Only the number is needed: how many lines in the entries below contain the string "transform"?

Dataset entries

■ ■ ■ ■ ■

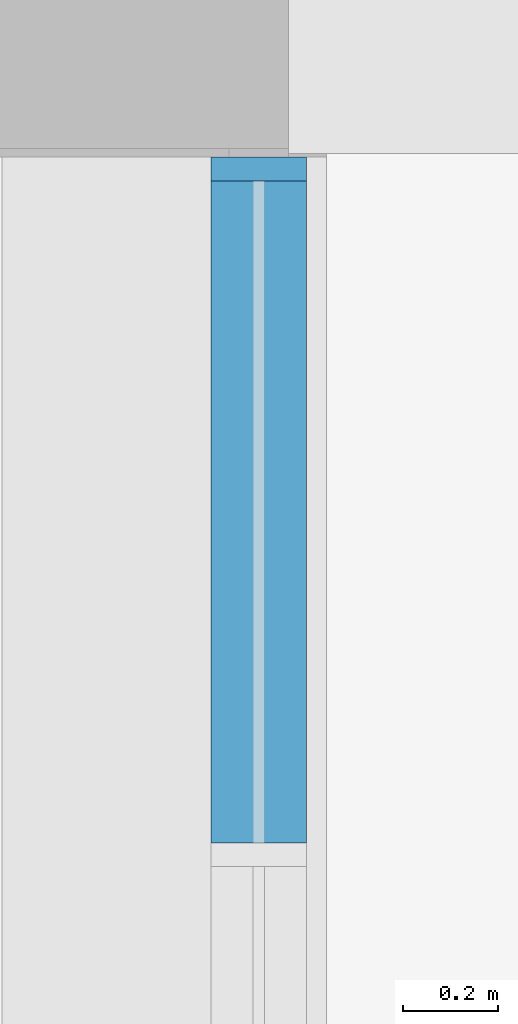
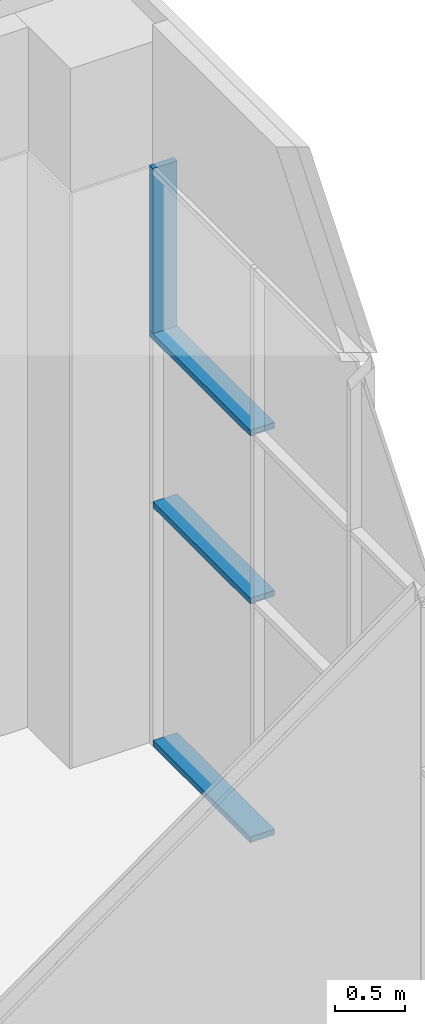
# One storey, part 15 of 100: 4 members, 1 element without a shape of its own.
"""IFC2X3 building model written with IfcOpenShell, lengths in millimetres."""

from ifc_helpers import new_model, entity, si_unit, converted_unit, derived_unit, direction, frame, origin, origin_2d_with_axis, place, context, subcontext, project, spatial, rectangle, extrude, source, transform, mapped, material, type_object, type_shapes, element, aggregate, save


model = new_model("IFC2X3")

# Units and contexts
model_context = context("Model", 3, precision=0.01, world=origin(), true_north=direction((6.123031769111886e-17, 1.0)))
body_context = subcontext(model_context, "Body", "Model", "MODEL_VIEW")
ifc_project = project(units=[si_unit("LENGTHUNIT", "METRE", prefix="MILLI"), si_unit("AREAUNIT", "SQUARE_METRE"), si_unit("VOLUMEUNIT", "CUBIC_METRE"), converted_unit("PLANEANGLEUNIT", "DEGREE", entity("IfcRatioMeasure", 0.017453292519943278), si_unit("PLANEANGLEUNIT", "RADIAN"), dimensions=[0, 0, 0, 0, 0, 0, 0]), si_unit("MASSUNIT", "GRAM", prefix="KILO"), derived_unit("MASSDENSITYUNIT", [(si_unit("MASSUNIT", "GRAM", prefix="KILO"), 1), (si_unit("LENGTHUNIT", "METRE"), -3)]), derived_unit("MOMENTOFINERTIAUNIT", [(si_unit("LENGTHUNIT", "METRE"), 4)]), si_unit("TIMEUNIT", "SECOND"), si_unit("FREQUENCYUNIT", "HERTZ"), si_unit("THERMODYNAMICTEMPERATUREUNIT", "DEGREE_CELSIUS"), derived_unit("THERMALTRANSMITTANCEUNIT", [(si_unit("MASSUNIT", "GRAM", prefix="KILO"), 1), (si_unit("THERMODYNAMICTEMPERATUREUNIT", "KELVIN"), -1), (si_unit("TIMEUNIT", "SECOND"), -3)]), derived_unit("VOLUMETRICFLOWRATEUNIT", [(si_unit("LENGTHUNIT", "METRE"), 3), (si_unit("TIMEUNIT", "SECOND"), -1)]), derived_unit("MASSFLOWRATEUNIT", [(si_unit("MASSUNIT", "GRAM", prefix="KILO"), 1), (si_unit("TIMEUNIT", "SECOND"), -1)]), derived_unit("ROTATIONALFREQUENCYUNIT", [(si_unit("TIMEUNIT", "SECOND"), -1)]), si_unit("ELECTRICCURRENTUNIT", "AMPERE"), si_unit("ELECTRICVOLTAGEUNIT", "VOLT"), si_unit("POWERUNIT", "WATT"), si_unit("FORCEUNIT", "NEWTON", prefix="KILO"), si_unit("ILLUMINANCEUNIT", "LUX"), si_unit("LUMINOUSFLUXUNIT", "LUMEN"), si_unit("LUMINOUSINTENSITYUNIT", "CANDELA"), derived_unit("USERDEFINED", [(si_unit("MASSUNIT", "GRAM", prefix="KILO"), -1), (si_unit("LENGTHUNIT", "METRE"), -2), (si_unit("TIMEUNIT", "SECOND"), 3), (si_unit("LUMINOUSFLUXUNIT", "LUMEN"), 1)]), derived_unit("SOUNDPOWERUNIT", [(si_unit("MASSUNIT", "GRAM", prefix="KILO"), 1), (si_unit("LENGTHUNIT", "METRE"), 2), (si_unit("TIMEUNIT", "SECOND"), -3)]), derived_unit("SOUNDPRESSUREUNIT", [(si_unit("MASSUNIT", "GRAM", prefix="KILO"), 1), (si_unit("LENGTHUNIT", "METRE"), -1), (si_unit("TIMEUNIT", "SECOND"), -2)]), derived_unit("LINEARVELOCITYUNIT", [(si_unit("LENGTHUNIT", "METRE"), 1), (si_unit("TIMEUNIT", "SECOND"), -1)]), si_unit("PRESSUREUNIT", "PASCAL"), derived_unit("USERDEFINED", [(si_unit("LENGTHUNIT", "METRE"), -2), (si_unit("MASSUNIT", "GRAM", prefix="KILO"), 1), (si_unit("TIMEUNIT", "SECOND"), -2)]), derived_unit("LINEARFORCEUNIT", [(si_unit("MASSUNIT", "GRAM", prefix="KILO"), 1), (si_unit("LENGTHUNIT", "METRE"), 1), (si_unit("TIMEUNIT", "SECOND"), -2), (si_unit("LENGTHUNIT", "METRE"), -1)]), derived_unit("PLANARFORCEUNIT", [(si_unit("MASSUNIT", "GRAM", prefix="KILO"), 1), (si_unit("LENGTHUNIT", "METRE"), 1), (si_unit("TIMEUNIT", "SECOND"), -2), (si_unit("LENGTHUNIT", "METRE"), -2)])], contexts=[model_context])

# Site, building, storey
site_placement = place(None, frame((-14167.972527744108, -657.2125860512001, 0.0)))
site = spatial("IfcSite", under=ifc_project, at=site_placement, Name="Default", CompositionType="ELEMENT")
building_placement = place(site_placement, origin())
building = spatial("IfcBuilding", under=site, at=building_placement, Name="Sample Building", CompositionType="ELEMENT")
storey_placement = place(building_placement, origin())
storey = spatial("IfcBuildingStorey", under=building, at=storey_placement, Name="지상 1층", CompositionType="ELEMENT", Elevation=0.0)

# Curtain wall, members
curtain_wall_type = type_object("IfcCurtainWallType", Name="커튼월:CW112-스테인리스 스틸 커튼월", PredefinedType="NOTDEFINED")
curtain_wall_placement = place(storey_placement, origin())
curtain_wall = element("IfcCurtainWall", 1, at=curtain_wall_placement, inside=storey, type_object=curtain_wall_type, Name="커튼월:CW112-스테인리스 스틸 커튼월", ObjectType="커튼월:CW112-스테인리스 스틸 커튼월")
ifc_material = material(Name="<Unnamed>")
member_type_1 = type_object("IfcMemberType", Name="직사각형 멀리언:CW200-직사각형 멀리언 50x200mm", PredefinedType="MULLION", material=ifc_material)
shared_shape_1 = source(origin(), body_context, "Body", "SweptSolid", [
    extrude(rectangle(XDim=200.0, YDim=50.0, at=origin_2d_with_axis()), frame((-25.0, 0.0, -1435.0), z_axis=(0.0, 0.0, 1.0), x_axis=(0.0, -1.0, 0.0)), (0.0, 0.0, 1.0), 1435.0000000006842),
])
type_shapes(member_type_1, [shared_shape_1])
member_1_placement = place(curtain_wall_placement, frame((51405.48121489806, 28439.212704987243, 2165.0), z_axis=(0.0, 0.0, -1.0), x_axis=(0.0, 1.0, 0.0)))
member_1 = element("IfcMember", 2, at=member_1_placement, type_object=member_type_1, material=ifc_material, Name="직사각형 멀리언:CW200-직사각형 멀리언 50x200mm", ObjectType="직사각형 멀리언:CW200-직사각형 멀리언 50x200mm", context=body_context, shape_type="MappedRepresentation", body=[
    mapped(shared_shape_1, transform((0.0, 0.0, 0.0), scale=1.0)),
])
member_type_2 = type_object("IfcMemberType", Name="직사각형 멀리언:CW200-직사각형 멀리언 50x200mm", PredefinedType="MULLION", material=ifc_material)
shared_shape_2 = source(origin(), body_context, "Body", "SweptSolid", [
    extrude(rectangle(XDim=200.0, YDim=50.0, at=origin_2d_with_axis()), frame((-25.0, 0.0, -1387.0349926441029), z_axis=(0.0, 0.0, 1.0), x_axis=(0.0, -1.0, 0.0)), (0.0, 0.0, 1.0), 1387.0349926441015),
])
type_shapes(member_type_2, [shared_shape_2])
member_2_placement = place(curtain_wall_placement, frame((51405.48121489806, 27002.177712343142, -1420.0), z_axis=(0.0, -1.0, 0.0), x_axis=(0.0, 0.0, -1.0)))
member_2 = element("IfcMember", 3, at=member_2_placement, type_object=member_type_2, material=ifc_material, Name="직사각형 멀리언:CW200-직사각형 멀리언 50x200mm", ObjectType="직사각형 멀리언:CW200-직사각형 멀리언 50x200mm", context=body_context, shape_type="MappedRepresentation", body=[
    mapped(shared_shape_2, transform((0.0, 0.0, 0.0), scale=1.0)),
])
member_type_3 = type_object("IfcMemberType", Name="직사각형 멀리언:CW200-직사각형 멀리언 50x200mm", PredefinedType="MULLION", material=ifc_material)
shared_shape_3 = source(origin(), body_context, "Body", "SweptSolid", [
    extrude(rectangle(XDim=200.0, YDim=50.0, at=origin_2d_with_axis()), frame((0.0, 0.0, -1387.0349926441), z_axis=(0.0, 0.0, 1.0), x_axis=(0.0, -1.0, 0.0)), (0.0, 0.0, 1.0), 1387.0349926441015),
])
type_shapes(member_type_3, [shared_shape_3])
member_3_placement = place(curtain_wall_placement, frame((51405.48121489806, 28389.212704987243, 680.0), z_axis=(0.0, 1.0, 0.0), x_axis=(0.0, 0.0, 1.0)))
member_3 = element("IfcMember", 4, at=member_3_placement, type_object=member_type_3, material=ifc_material, Name="직사각형 멀리언:CW200-직사각형 멀리언 50x200mm", ObjectType="직사각형 멀리언:CW200-직사각형 멀리언 50x200mm", context=body_context, shape_type="MappedRepresentation", body=[
    mapped(shared_shape_3, transform((0.0, 0.0, 0.0), scale=1.0)),
])
member_type_4 = type_object("IfcMemberType", Name="직사각형 멀리언:CW200-직사각형 멀리언 50x200mm", PredefinedType="MULLION", material=ifc_material)
shared_shape_4 = source(origin(), body_context, "Body", "SweptSolid", [
    extrude(rectangle(XDim=200.0, YDim=50.0, at=origin_2d_with_axis()), frame((0.0, 0.0, -1437.0349926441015), z_axis=(0.0, 0.0, 1.0), x_axis=(0.0, -1.0, 0.0)), (0.0, 0.0, 1.0), 1437.0349926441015),
])
type_shapes(member_type_4, [shared_shape_4])
member_4_placement = place(curtain_wall_placement, frame((51405.48121489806, 28439.212704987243, 2140.0), z_axis=(0.0, 1.0, 0.0), x_axis=(0.0, 0.0, 1.0)))
member_4 = element("IfcMember", 5, at=member_4_placement, type_object=member_type_4, material=ifc_material, Name="직사각형 멀리언:CW200-직사각형 멀리언 50x200mm", ObjectType="직사각형 멀리언:CW200-직사각형 멀리언 50x200mm", context=body_context, shape_type="MappedRepresentation", body=[
    mapped(shared_shape_4, transform((0.0, 0.0, 0.0), scale=1.0)),
])
aggregate(curtain_wall, [member_1, member_2, member_3, member_4])

save(model, "model.ifc")

■ ■ ■ ■ ■

Solution for this exercise —
5